### AIM OF THE TASK
Repeat nothing but the line containing "#1857 = AXIS2_PLACEMENT_3D" and the lines that follow it, up to and including the last line of the data below.

_____

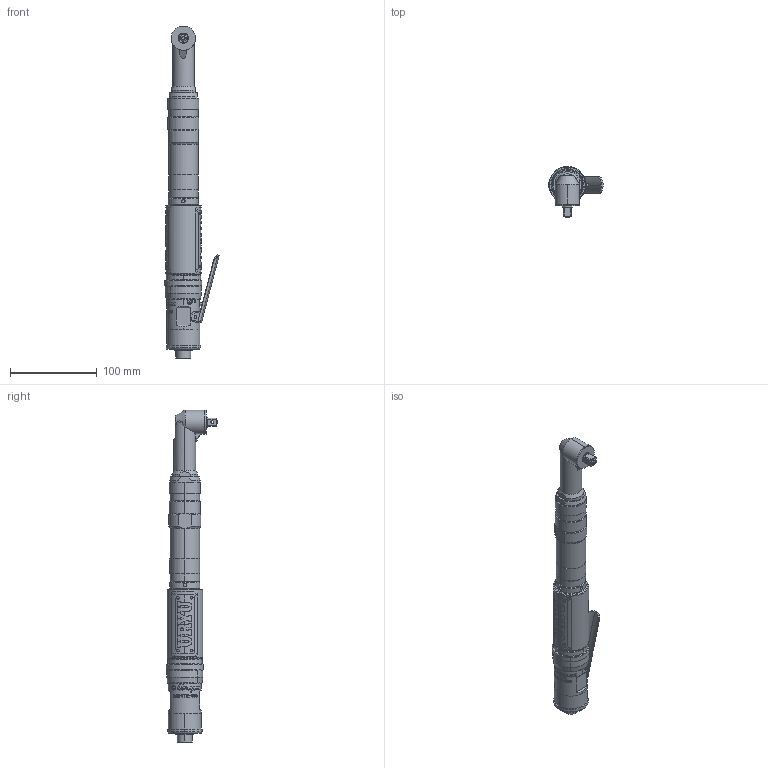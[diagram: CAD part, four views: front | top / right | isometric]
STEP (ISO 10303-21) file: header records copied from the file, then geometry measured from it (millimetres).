
FILE_DESCRIPTION (( 'STEP AP203' ), '1' );
FILE_NAME ('UAN-611R-60C.STEP', '2007-10-26T06:23:34', ( 'gikai-nt16' ), ( ' ' ), 'SwSTEP 2.0', 'SolidWorks 2003240', '' );
FILE_SCHEMA (( 'CONFIG_CONTROL_DESIGN' ));
Length unit declared in the file: millimetre
Products named in the file (11): 2684416_蹬怮椔; 2597806_UAN-611R-30C_蹬怮椔; 1961077_UAN-611R-30C_蹬怮椔; UAN-611R-60C; 2583195_UAN-611R-30C_蹬怮椔; 2683696_UAN-611R-60C_蹬怮椔; 4630298_UAN-611R-30C_蹬怮椔; 2680257_UAN-611R-60C_蹬怮椔; 2591140_UAN-611R-30C_蹬怮椔; 2688406_UAN-611R-30C_蹬怮椔; 2682126_UAN-611R-30C_蹬怮椔
Assembly tree (10 placements, depth 2):
  UAN-611R-60C
    4630298_UAN-611R-30C_蹬怮椔
    2688406_UAN-611R-30C_蹬怮椔
    2684416_蹬怮椔
    2583195_UAN-611R-30C_蹬怮椔
    2680257_UAN-611R-60C_蹬怮椔
    2591140_UAN-611R-30C_蹬怮椔
    1961077_UAN-611R-30C_蹬怮椔
    2682126_UAN-611R-30C_蹬怮椔
    2683696_UAN-611R-60C_蹬怮椔
    2597806_UAN-611R-30C_蹬怮椔
Bounding box: 62.79 x 59.42 x 383.2 mm (x, y, z)
Volume: 381475.9 mm3; surface area: 86857.2 mm2
Topology: 10 solids, 10 shells, 935 faces, 2441 edges, 1604 vertices
Faces by surface type: plane 436, cylinder 340, bspline 106, cone 43, torus 8, sphere 2
Entity records: 39022 total; most frequent: CARTESIAN_POINT 16169, ORIENTED_EDGE 4878, DIRECTION 4020, EDGE_CURVE 2439, VERTEX_POINT 1604, AXIS2_PLACEMENT_3D 1462, LINE 1096, VECTOR 1096
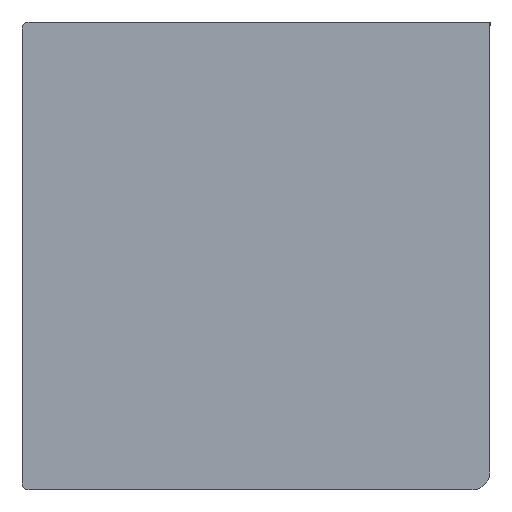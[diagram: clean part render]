
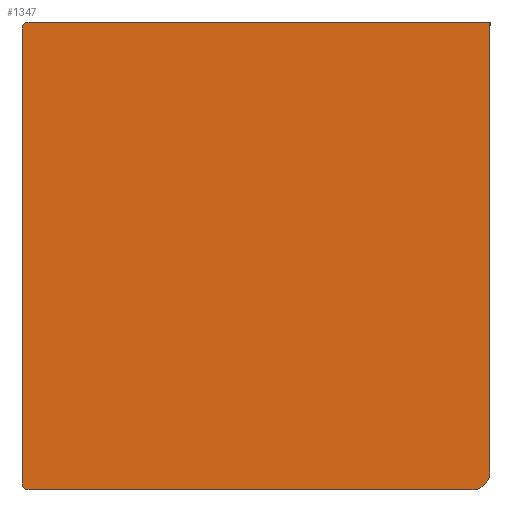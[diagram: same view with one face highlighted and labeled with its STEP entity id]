
A CAD part, left-side view. The second image highlights one B-rep face of the part: STEP entity #1347.
In plain terms, the highlighted planar face has unit normal (-1, 0, 0) as drawn and (0, 0, 1) by its records, which use the part's own axes.
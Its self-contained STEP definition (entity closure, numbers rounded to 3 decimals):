
#11 = CARTESIAN_POINT ( 'NONE',  ( -62.5, 65.5, 0. ) ) ;
#40 = DIRECTION ( 'NONE',  ( 1., 0., 0. ) ) ;
#113 = VERTEX_POINT ( 'NONE', #705 ) ;
#128 = VECTOR ( 'NONE', #223, 1000. ) ;
#153 = DIRECTION ( 'NONE',  ( 0., 0., 1. ) ) ;
#154 = AXIS2_PLACEMENT_3D ( 'NONE', #1179, #1527, #40 ) ;
#187 = VECTOR ( 'NONE', #1708, 1000. ) ;
#195 = EDGE_CURVE ( 'NONE', #1882, #1204, #719, .T. ) ;
#207 = EDGE_CURVE ( 'NONE', #1204, #113, #649, .T. ) ;
#208 = PLANE ( 'NONE',  #154 ) ;
#223 = DIRECTION ( 'NONE',  ( -1., 0., 0. ) ) ;
#225 = CARTESIAN_POINT ( 'NONE',  ( -64.5, -64.5, 0. ) ) ;
#233 = ORIENTED_EDGE ( 'NONE', *, *, #1366, .T. ) ;
#301 = EDGE_CURVE ( 'NONE', #1004, #565, #2114, .T. ) ;
#317 = DIRECTION ( 'NONE',  ( 1., 0., 0. ) ) ;
#320 = EDGE_CURVE ( 'NONE', #1363, #1882, #1441, .T. ) ;
#354 = LINE ( 'NONE', #225, #1995 ) ;
#381 = FACE_OUTER_BOUND ( 'NONE', #1245, .T. ) ;
#409 = CARTESIAN_POINT ( 'NONE',  ( -59.5, -64.5, 0. ) ) ;
#426 = DIRECTION ( 'NONE',  ( 1., 0., 0. ) ) ;
#463 = CARTESIAN_POINT ( 'NONE',  ( 63.5, 63.5, 0. ) ) ;
#498 = ORIENTED_EDGE ( 'NONE', *, *, #301, .T. ) ;
#519 = VERTEX_POINT ( 'NONE', #849 ) ;
#565 = VERTEX_POINT ( 'NONE', #409 ) ;
#593 = DIRECTION ( 'NONE',  ( 0., 0., 1. ) ) ;
#608 = LINE ( 'NONE', #1273, #1221 ) ;
#649 = CIRCLE ( 'NONE', #1680, 2. ) ;
#705 = CARTESIAN_POINT ( 'NONE',  ( -64.5, 63.5, 0. ) ) ;
#719 = LINE ( 'NONE', #1224, #128 ) ;
#739 = ORIENTED_EDGE ( 'NONE', *, *, #320, .T. ) ;
#785 = DIRECTION ( 'NONE',  ( 0., 1., 0. ) ) ;
#849 = CARTESIAN_POINT ( 'NONE',  ( 65.5, -64.5, 0. ) ) ;
#850 = ORIENTED_EDGE ( 'NONE', *, *, #1077, .T. ) ;
#905 = ORIENTED_EDGE ( 'NONE', *, *, #195, .T. ) ;
#993 = CARTESIAN_POINT ( 'NONE',  ( 63.5, 65.5, 0. ) ) ;
#1004 = VERTEX_POINT ( 'NONE', #1102 ) ;
#1071 = DIRECTION ( 'NONE',  ( 0., 0., 1. ) ) ;
#1077 = EDGE_CURVE ( 'NONE', #519, #1363, #608, .T. ) ;
#1102 = CARTESIAN_POINT ( 'NONE',  ( -64.5, -59.5, 0. ) ) ;
#1179 = CARTESIAN_POINT ( 'NONE',  ( 0., 0., 0. ) ) ;
#1200 = AXIS2_PLACEMENT_3D ( 'NONE', #463, #153, #317 ) ;
#1204 = VERTEX_POINT ( 'NONE', #11 ) ;
#1221 = VECTOR ( 'NONE', #785, 1000. ) ;
#1224 = CARTESIAN_POINT ( 'NONE',  ( 65.5, 65.5, 0. ) ) ;
#1245 = EDGE_LOOP ( 'NONE', ( #905, #2075, #1390, #498, #233, #850, #739 ) ) ;
#1258 = DIRECTION ( 'NONE',  ( 1., 0., 0. ) ) ;
#1273 = CARTESIAN_POINT ( 'NONE',  ( 65.5, -64.5, 0. ) ) ;
#1347 = ADVANCED_FACE ( 'NONE', ( #381 ), #208, .T. ) ;
#1360 = CARTESIAN_POINT ( 'NONE',  ( 65.5, 63.5, 0. ) ) ;
#1363 = VERTEX_POINT ( 'NONE', #1360 ) ;
#1366 = EDGE_CURVE ( 'NONE', #565, #519, #1853, .T. ) ;
#1370 = EDGE_CURVE ( 'NONE', #113, #1004, #354, .T. ) ;
#1372 = DIRECTION ( 'NONE',  ( 0., -1., 0. ) ) ;
#1390 = ORIENTED_EDGE ( 'NONE', *, *, #1370, .T. ) ;
#1441 = CIRCLE ( 'NONE', #1200, 2. ) ;
#1527 = DIRECTION ( 'NONE',  ( 0., 0., 1. ) ) ;
#1668 = CARTESIAN_POINT ( 'NONE',  ( 65.5, -64.5, 0. ) ) ;
#1680 = AXIS2_PLACEMENT_3D ( 'NONE', #2066, #1071, #426 ) ;
#1708 = DIRECTION ( 'NONE',  ( 1., 0., 0. ) ) ;
#1853 = LINE ( 'NONE', #1668, #187 ) ;
#1857 = AXIS2_PLACEMENT_3D ( 'NONE', #2089, #593, #1258 ) ;
#1882 = VERTEX_POINT ( 'NONE', #993 ) ;
#1995 = VECTOR ( 'NONE', #1372, 1000. ) ;
#2066 = CARTESIAN_POINT ( 'NONE',  ( -62.5, 63.5, 0. ) ) ;
#2075 = ORIENTED_EDGE ( 'NONE', *, *, #207, .T. ) ;
#2089 = CARTESIAN_POINT ( 'NONE',  ( -59.5, -59.5, 0. ) ) ;
#2114 = CIRCLE ( 'NONE', #1857, 5. ) ;

_____

### EXERCISE SOLUTION
#1857 = AXIS2_PLACEMENT_3D ( 'NONE', #2089, #593, #1258 ) ;
#1882 = VERTEX_POINT ( 'NONE', #993 ) ;
#1995 = VECTOR ( 'NONE', #1372, 1000. ) ;
#2066 = CARTESIAN_POINT ( 'NONE',  ( -62.5, 63.5, 0. ) ) ;
#2075 = ORIENTED_EDGE ( 'NONE', *, *, #207, .T. ) ;
#2089 = CARTESIAN_POINT ( 'NONE',  ( -59.5, -59.5, 0. ) ) ;
#2114 = CIRCLE ( 'NONE', #1857, 5. ) ;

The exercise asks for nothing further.